**INPUT FOR THIS TASK:**
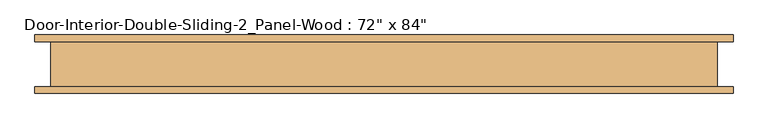
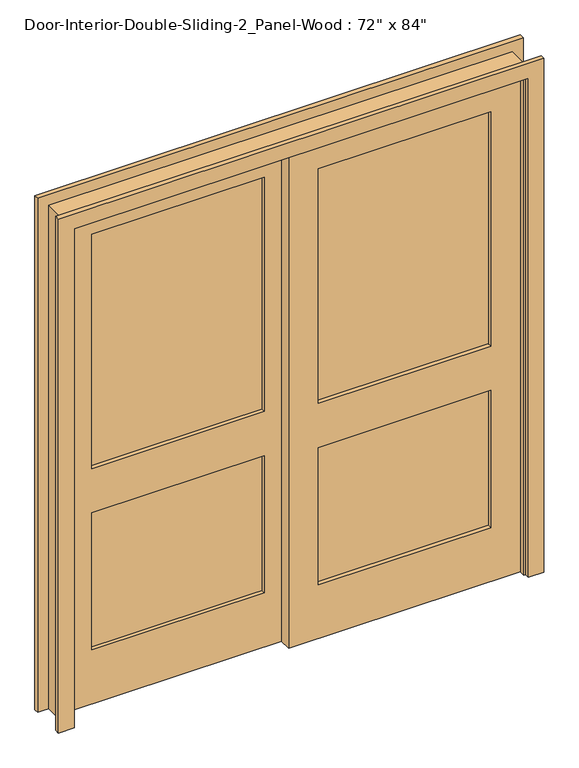
"""IFC4 building model written with IfcOpenShell, lengths in millimetres: door geometry."""

from ifc_helpers import new_model, si_unit, frame, origin, place, context, project, spatial, polyline, outline, extrude, source, transform, mapped, element, save


def door_029465dd(model_context):
    return source(origin(), model_context, "Body", "SweptSolid", [
        extrude(outline(polyline([(793.75, -24.3416667), (95.25, -24.3416667), (95.25, -7.4083333), (793.75, -7.4083333), (793.75, -24.3416667)])), frame((0.0, 0.0, 1009.65), z_axis=(0.0, 0.0, 1.0), x_axis=(1.0, 0.0, 0.0)), (0.0, 0.0, 1.0), 1004.8875),
        extrude(outline(polyline([(793.75, -24.3416667), (95.25, -24.3416667), (95.25, -7.4083333), (793.75, -7.4083333), (793.75, -24.3416667)])), frame((0.0, 0.0, 231.775), z_axis=(0.0, 0.0, 1.0), x_axis=(1.0, 0.0, 0.0)), (0.0, 0.0, 1.0), 587.375),
        extrude(outline(polyline([(2133.6, -25.4), (0.0, -25.4), (0.0, 914.4), (2133.6, 914.4), (2133.6, -25.4)]), holes=[polyline([(2014.5375, 95.25), (2014.5375, 793.75), (1009.65, 793.75), (1009.65, 95.25), (2014.5375, 95.25)]), polyline([(819.15, 95.25), (819.15, 793.75), (231.775, 793.75), (231.775, 95.25), (819.15, 95.25)])]), frame((0.0, -41.275, 0.0), z_axis=(0.0, 1.0, 0.0), x_axis=(0.0, 0.0, 1.0)), (0.0, 0.0, 1.0), 50.8),
        extrude(outline(polyline([(-95.25, 26.4583333), (-793.75, 26.4583333), (-793.75, 43.3916667), (-95.25, 43.3916667), (-95.25, 26.4583333)])), frame((0.0, 0.0, 1009.65), z_axis=(0.0, 0.0, 1.0), x_axis=(1.0, 0.0, 0.0)), (0.0, 0.0, 1.0), 1004.8875),
        extrude(outline(polyline([(-95.25, 26.4583333), (-793.75, 26.4583333), (-793.75, 43.3916667), (-95.25, 43.3916667), (-95.25, 26.4583333)])), frame((0.0, 0.0, 231.775), z_axis=(0.0, 0.0, 1.0), x_axis=(1.0, 0.0, 0.0)), (0.0, 0.0, 1.0), 587.375),
        extrude(outline(polyline([(2133.6, -914.4), (0.0, -914.4), (0.0, 25.4), (2133.6, 25.4), (2133.6, -914.4)]), holes=[polyline([(2014.5375, -793.75), (2014.5375, -95.25), (1009.65, -95.25), (1009.65, -793.75), (2014.5375, -793.75)]), polyline([(819.15, -793.75), (819.15, -95.25), (231.775, -95.25), (231.775, -793.75), (819.15, -793.75)])]), frame((0.0, 9.525, 0.0), z_axis=(0.0, 1.0, 0.0), x_axis=(0.0, 0.0, 1.0)), (0.0, 0.0, 1.0), 50.8),
        extrude(outline(polyline([(0.0, 914.4), (0.0, 939.8), (2159.0, 939.8), (2159.0, -939.8), (0.0, -939.8), (0.0, -914.4), (2133.6, -914.4), (2133.6, 914.4), (0.0, 914.4)])), frame((0.0, -66.675, 0.0), z_axis=(0.0, 1.0, 0.0), x_axis=(0.0, 0.0, 1.0)), (0.0, 0.0, 1.0), 127.0),
        extrude(outline(polyline([(0.0, 920.75), (0.0, 984.25), (2203.45, 984.25), (2203.45, -984.25), (0.0, -984.25), (0.0, -920.75), (2139.95, -920.75), (2139.95, 920.75), (0.0, 920.75)])), frame((0.0, -85.725, 0.0), z_axis=(0.0, 1.0, 0.0), x_axis=(0.0, 0.0, 1.0)), (0.0, 0.0, 1.0), 19.05),
        extrude(outline(polyline([(0.0, 920.75), (0.0, 984.25), (2203.45, 984.25), (2203.45, -984.25), (0.0, -984.25), (0.0, -920.75), (2139.95, -920.75), (2139.95, 920.75), (0.0, 920.75)])), frame((0.0, 60.325, 0.0), z_axis=(0.0, 1.0, 0.0), x_axis=(0.0, 0.0, 1.0)), (0.0, 0.0, 1.0), 19.05),
    ])


if __name__ == "__main__":
    model = new_model("IFC4")
    model_context = context("Model", 3, world=origin())
    ifc_project = project(units=[si_unit("LENGTHUNIT", "METRE", prefix="MILLI")], contexts=[model_context])
    site = spatial("IfcSite", under=ifc_project)
    building = spatial("IfcBuilding", under=site)
    placement = place(None, origin())
    door_shape = door_029465dd(model_context)
    element("IfcDoor", 1, ObjectType="Door-Interior-Double-Sliding-2_Panel-Wood : 72\" x 84\"", at=placement, inside=building, context=model_context, shape_type="MappedRepresentation", body=[
        mapped(door_shape, transform((0.0, 0.0, 0.0), x_axis=(1.0, 0.0, 0.0), y_axis=(0.0, 1.0, 0.0), z_axis=(0.0, 0.0, 1.0))),
    ])
    save(model, "model.ifc")

# Revit data of these elements
# Project information
#   Organization Name = "G3B Press"
#   Organization Description = "Paul F. Aubin Cosulting Services, Inc."
#   Building Name = "Revit Essentials for Architecture"
#   Author = "Paul F. Aubin"
#   Author Website = "https://www.paulaubin.com"
#   Copyright = "Copyright © 2020 Paul F Aubin, all rights reserved"
#   Project Issue Date = "8/1/2020"
#   Project Status = "Design Development"
#   Client Name = "Groups and Links"
#   Project Address = "Enter address here"
#   Project Name = "Hotel"
#   Project Number = "2020.06A"
# Type "Door-Interior-Double-Sliding-2_Panel-Wood : 72\" x 84\""
#   Type Mark = "8"
#   Assembly Code = "C1020"
#   Analytic Construction = "Wooden"
#   Top Rail = 0' - 4 11/16"
#   Thickness = 0' - 2"
#   Thermal Resistance (R) = 2.5876 (h·ft²·°F)/BTU
#   Stiles = 0' - 4 3/4"
#   Rough Width = 6' - 2"
#   Rough Height = 7' - 1"
#   Lock Rail = 0' - 7 1/2"
#   Heat Transfer Coefficient (U) = 0.3865 BTU/(h·ft²·°F)
#   Bottom Rail = 0' - 9 1/8"
#   Height = 7' - 0"
#   Width = 6' - 0"
#   Define Thermal Properties by = 1
#   Trim Material = Cherry
#   Panel Material = Cherry
#   Frame Material = Door - Frame
#   Visual Light Transmittance = 0
#   Solar Heat Gain Coefficient = 0
#   Function = (empty or 0)
#   Wall Closure = (empty or 0)
# Element 1 (IfcDoor, "Door-Interior-Double-Sliding-2_Panel-Wood : 72\" x 84\"")
#   Materials on its faces: "Cherry", "Door - Frame"
# Materials
#   "Cherry": class "Wood", colour RGB 157 77 38, transparency 0, Description = "Prunus Serotina", Cost = 0
#   "Door - Frame": class "Unassigned", colour RGB 118 70 51, transparency 0

**WORK TASK:**
Restate word for word the lines from the one holding "# Element 1" to the end of the listing, both ends included, and nothing more.

**WRITTEN RESPONSE:**
# Element 1 (IfcDoor, "Door-Interior-Double-Sliding-2_Panel-Wood : 72\" x 84\"")
#   Materials on its faces: "Cherry", "Door - Frame"
# Materials
#   "Cherry": class "Wood", colour RGB 157 77 38, transparency 0, Description = "Prunus Serotina", Cost = 0
#   "Door - Frame": class "Unassigned", colour RGB 118 70 51, transparency 0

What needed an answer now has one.